John Dooley

Biographical details
- Born: c. 1933

Coaching career (HC unless noted)

Football
- 1957–1961: Ashton Morris HS (IL)
- 1962–1963: Mount Morris HS (IL) (assistant)
- 1964–1965: Mount Morris HS (IL)
- 1966–1968: Eureka

Basketball
- 1957–1962: Ashton Morris HS (IL)

Baseball
- 1958–1962: Ashton Morris HS (IL)

Head coaching record
- Overall: 3–19–1 (college football)

= John Dooley (American football) =

American football coach (born c. 1933)

John "Jay" Dooley (born c. 1933) is an American former football coach. He was the head football coach at Eureka College in Eureka, Illinois two seasons, from 1966 to 1968, compiling a record of 3–19–1.

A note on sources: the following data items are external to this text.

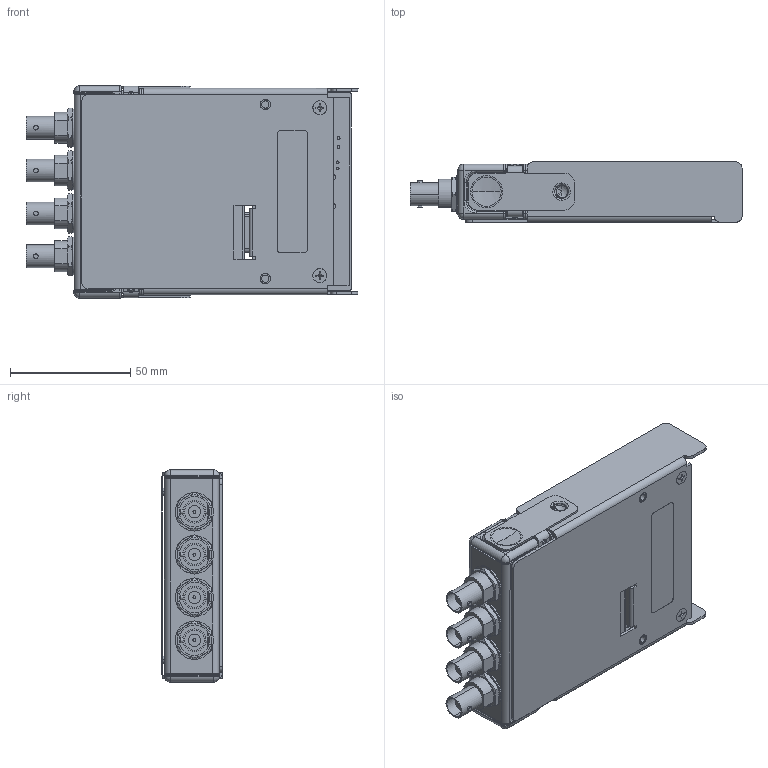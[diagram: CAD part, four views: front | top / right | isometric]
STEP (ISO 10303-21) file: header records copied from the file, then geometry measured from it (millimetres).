
FILE_DESCRIPTION((''),'2;1');
FILE_NAME('CU_USB_CARRIER_BNC','2007-11-06T',('tvenable'),(''),'PRO/ENGINEER BY PARAMETRIC TECHNOLOGY CORPORATION, 2006080','PRO/ENGINEER BY PARAMETRIC TECHNOLOGY CORPORATION, 2006080','');
FILE_SCHEMA(('CONFIG_CONTROL_DESIGN'));
Products named in the file (1): CU_USB_CARRIER_BNC
Bounding box: 137.77 x 25.5 x 88.12 mm (x, y, z)
Volume: 82775.5 mm3; surface area: 87433.2 mm2
Topology: 17 solids, 17 shells, 2041 faces, 5057 edges, 3018 vertices
Faces by surface type: plane 842, cylinder 622, bspline 423, torus 59, cone 50, sphere 39, extrusion 6
Entity records: 84191 total; most frequent: CARTESIAN_POINT 39202, ORIENTED_EDGE 9890, DIRECTION 8322, EDGE_CURVE 4945, VERTEX_POINT 3094, AXIS2_PLACEMENT_3D 2852, VECTOR 2618, LINE 2612
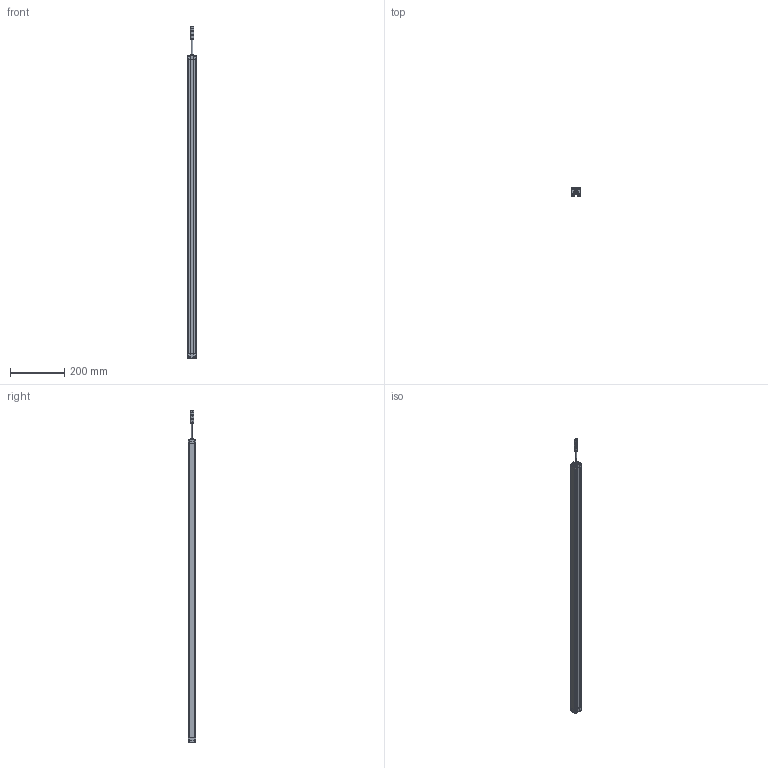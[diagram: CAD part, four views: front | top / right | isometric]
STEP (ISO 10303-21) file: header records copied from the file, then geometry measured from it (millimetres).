
FILE_DESCRIPTION((''),'2;1');
FILE_NAME('SMT1-CGQ_ASM','2025-08-08T08:38:01',('Administrator'),(''),'CREO PARAMETRIC BY PTC INC, 2016510','CREO PARAMETRIC BY PTC INC, 2016510','');
FILE_SCHEMA(('CONFIG_CONTROL_DESIGN'));
Length unit declared in the file: millimetre
Products named in the file (7): SMT1-XINGCAI-V1; SMT1-SDG-V1; SMT1-XDG-V1; M12-CHATOU; ST3X18; CT4-LVGUANGBAN; SMT1-CGQ_ASM
Assembly tree (13 placements, depth 2):
  SMT1-CGQ_ASM
    SMT1-XINGCAI-V1
    SMT1-SDG-V1
    SMT1-XDG-V1
    M12-CHATOU
    ST3X18  x8
    CT4-LVGUANGBAN
Bounding box: 33 x 28.02 x 1219.5 mm (x, y, z)
Volume: 860072.8 mm3; surface area: 276950.9 mm2
Topology: 13 solids, 13 shells, 712 faces, 1868 edges, 1200 vertices
Faces by surface type: plane 382, cylinder 184, extrusion 86, sphere 32, cone 20, bspline 8
Entity records: 18128 total; most frequent: CARTESIAN_POINT 4347, ORIENTED_EDGE 2916, DIRECTION 2580, EDGE_CURVE 1458, VECTOR 1036, VERTEX_POINT 955, LINE 950, AXIS2_PLACEMENT_3D 772
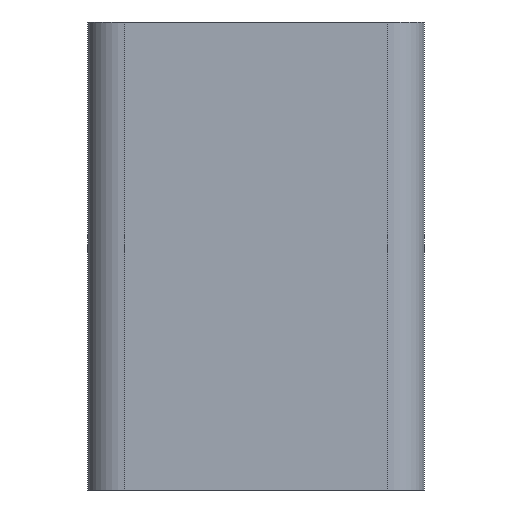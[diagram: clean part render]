
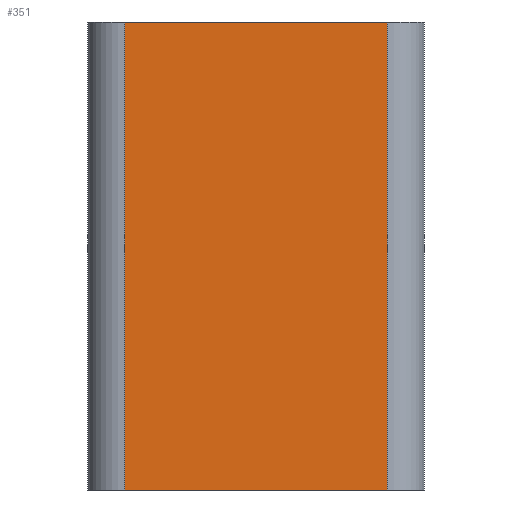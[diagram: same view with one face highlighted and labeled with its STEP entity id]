
A CAD part, front view. The second image highlights one B-rep face of the part: STEP entity #351.
In plain terms, the highlighted planar face has unit normal (0, -1, 0).
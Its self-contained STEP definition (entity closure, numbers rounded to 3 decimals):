
#26=PLANE('',#401);
#39=FACE_OUTER_BOUND('',#63,.T.);
#63=EDGE_LOOP('',(#259,#260,#261,#262));
#90=LINE('',#559,#118);
#91=LINE('',#562,#119);
#97=LINE('',#580,#125);
#98=LINE('',#581,#126);
#118=VECTOR('',#445,10.);
#119=VECTOR('',#448,10.);
#125=VECTOR('',#462,10.);
#126=VECTOR('',#463,10.);
#165=VERTEX_POINT('',#552);
#168=VERTEX_POINT('',#557);
#169=VERTEX_POINT('',#561);
#177=VERTEX_POINT('',#579);
#200=EDGE_CURVE('',#168,#165,#90,.T.);
#201=EDGE_CURVE('',#165,#169,#91,.T.);
#210=EDGE_CURVE('',#177,#168,#97,.T.);
#211=EDGE_CURVE('',#169,#177,#98,.T.);
#259=ORIENTED_EDGE('',*,*,#200,.F.);
#260=ORIENTED_EDGE('',*,*,#210,.F.);
#261=ORIENTED_EDGE('',*,*,#211,.F.);
#262=ORIENTED_EDGE('',*,*,#201,.F.);
#351=ADVANCED_FACE('',(#39),#26,.T.);
#401=AXIS2_PLACEMENT_3D('',#578,#460,#461);
#445=DIRECTION('',(0.,0.,1.));
#448=DIRECTION('',(1.,0.,0.));
#460=DIRECTION('center_axis',(0.,-1.,0.));
#461=DIRECTION('ref_axis',(1.,0.,0.));
#462=DIRECTION('',(-1.,0.,0.));
#463=DIRECTION('',(0.,0.,-1.));
#552=CARTESIAN_POINT('',(2.,0.,25.));
#557=CARTESIAN_POINT('',(2.,0.,0.));
#559=CARTESIAN_POINT('',(2.,0.,0.));
#561=CARTESIAN_POINT('',(16.,0.,25.));
#562=CARTESIAN_POINT('',(18.,0.,25.));
#578=CARTESIAN_POINT('Origin',(0.,0.,0.));
#579=CARTESIAN_POINT('',(16.,0.,0.));
#580=CARTESIAN_POINT('',(18.,0.,0.));
#581=CARTESIAN_POINT('',(16.,0.,0.));
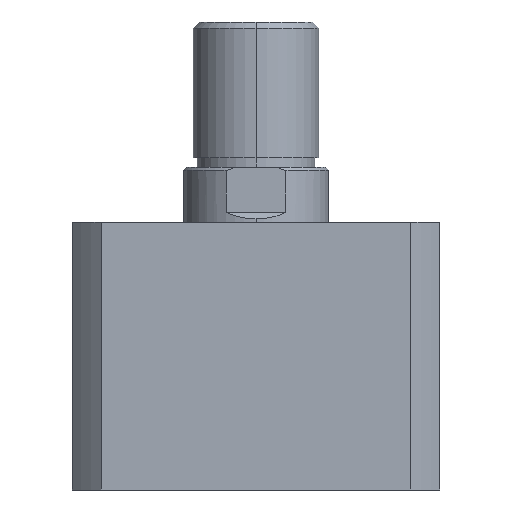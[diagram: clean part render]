
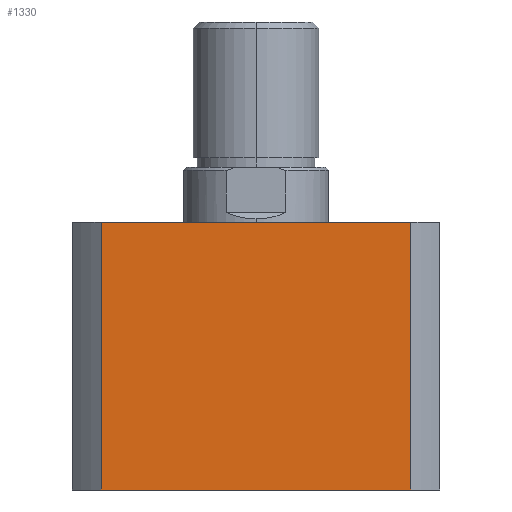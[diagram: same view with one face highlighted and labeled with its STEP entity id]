
A CAD part, left-side view. The second image highlights one B-rep face of the part: STEP entity #1330.
In plain terms, the highlighted planar face has unit normal (-1, 0, 0).
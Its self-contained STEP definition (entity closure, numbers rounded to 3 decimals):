
#201 = ORIENTED_EDGE ( 'NONE', *, *, #3383, .T. ) ;
#203 = ORIENTED_EDGE ( 'NONE', *, *, #963, .F. ) ;
#296 = DIRECTION ( 'NONE',  ( 0., -1., 0. ) ) ;
#297 = CARTESIAN_POINT ( 'NONE',  ( -57., 0., 83. ) ) ;
#479 = CARTESIAN_POINT ( 'NONE',  ( -57., -47.971, 83. ) ) ;
#482 = DIRECTION ( 'NONE',  ( 0., 0., -1. ) ) ;
#490 = CARTESIAN_POINT ( 'NONE',  ( -57., 47.971, 83. ) ) ;
#497 = DIRECTION ( 'NONE',  ( 0., 0., -1. ) ) ;
#810 = ORIENTED_EDGE ( 'NONE', *, *, #1009, .F. ) ;
#960 = EDGE_CURVE ( 'NONE', #1788, #1829, #4314, .T. ) ;
#963 = EDGE_CURVE ( 'NONE', #1791, #3440, #4319, .T. ) ;
#1009 = EDGE_CURVE ( 'NONE', #1788, #1791, #4382, .T. ) ;
#1330 = ADVANCED_FACE ( 'NONE', ( #3867 ), #3002, .F. ) ;
#1669 = EDGE_LOOP ( 'NONE', ( #201, #203, #810, #2238 ) ) ;
#1788 = VERTEX_POINT ( 'NONE', #2606 ) ;
#1791 = VERTEX_POINT ( 'NONE', #2603 ) ;
#1829 = VERTEX_POINT ( 'NONE', #5127 ) ;
#2238 = ORIENTED_EDGE ( 'NONE', *, *, #960, .T. ) ;
#2603 = CARTESIAN_POINT ( 'NONE',  ( -57., -47.971, 83. ) ) ;
#2606 = CARTESIAN_POINT ( 'NONE',  ( -57., 47.971, 83. ) ) ;
#2998 = DIRECTION ( 'NONE',  ( 0., 0., -1. ) ) ;
#2999 = DIRECTION ( 'NONE',  ( 1., 0., 0. ) ) ;
#3002 = PLANE ( 'NONE',  #3218 ) ;
#3009 = CARTESIAN_POINT ( 'NONE',  ( -57., 0., 83. ) ) ;
#3218 = AXIS2_PLACEMENT_3D ( 'NONE', #3009, #2999, #2998 ) ;
#3383 = EDGE_CURVE ( 'NONE', #1829, #3440, #4134, .T. ) ;
#3440 = VERTEX_POINT ( 'NONE', #3663 ) ;
#3663 = CARTESIAN_POINT ( 'NONE',  ( -57., -47.971, 0. ) ) ;
#3867 = FACE_OUTER_BOUND ( 'NONE', #1669, .T. ) ;
#4134 = LINE ( 'NONE', #4544, #4136 ) ;
#4136 = VECTOR ( 'NONE', #4543, 1000. ) ;
#4314 = LINE ( 'NONE', #490, #4316 ) ;
#4316 = VECTOR ( 'NONE', #497, 1000. ) ;
#4319 = LINE ( 'NONE', #479, #4321 ) ;
#4321 = VECTOR ( 'NONE', #482, 1000. ) ;
#4382 = LINE ( 'NONE', #297, #4385 ) ;
#4385 = VECTOR ( 'NONE', #296, 1000. ) ;
#4543 = DIRECTION ( 'NONE',  ( 0., -1., 0. ) ) ;
#4544 = CARTESIAN_POINT ( 'NONE',  ( -57., 0., 0. ) ) ;
#5127 = CARTESIAN_POINT ( 'NONE',  ( -57., 47.971, 0. ) ) ;

Dooley attended high school in Monmouth, Illinois. He graduated from Millikin University in Decatur, Illinois, and earned a master's degree in physical education from Northern Illinois University in DeKalb, Illinois.

In 1957, Dooley was hired as athletic coach at Ashton High School in Ashton, Illinois. He coached football, basketball, and baseball at Ashton before resigning in 1962 to become an assistant coach in football and basketball at Mount Morris High School in Mount Morris, Illinois.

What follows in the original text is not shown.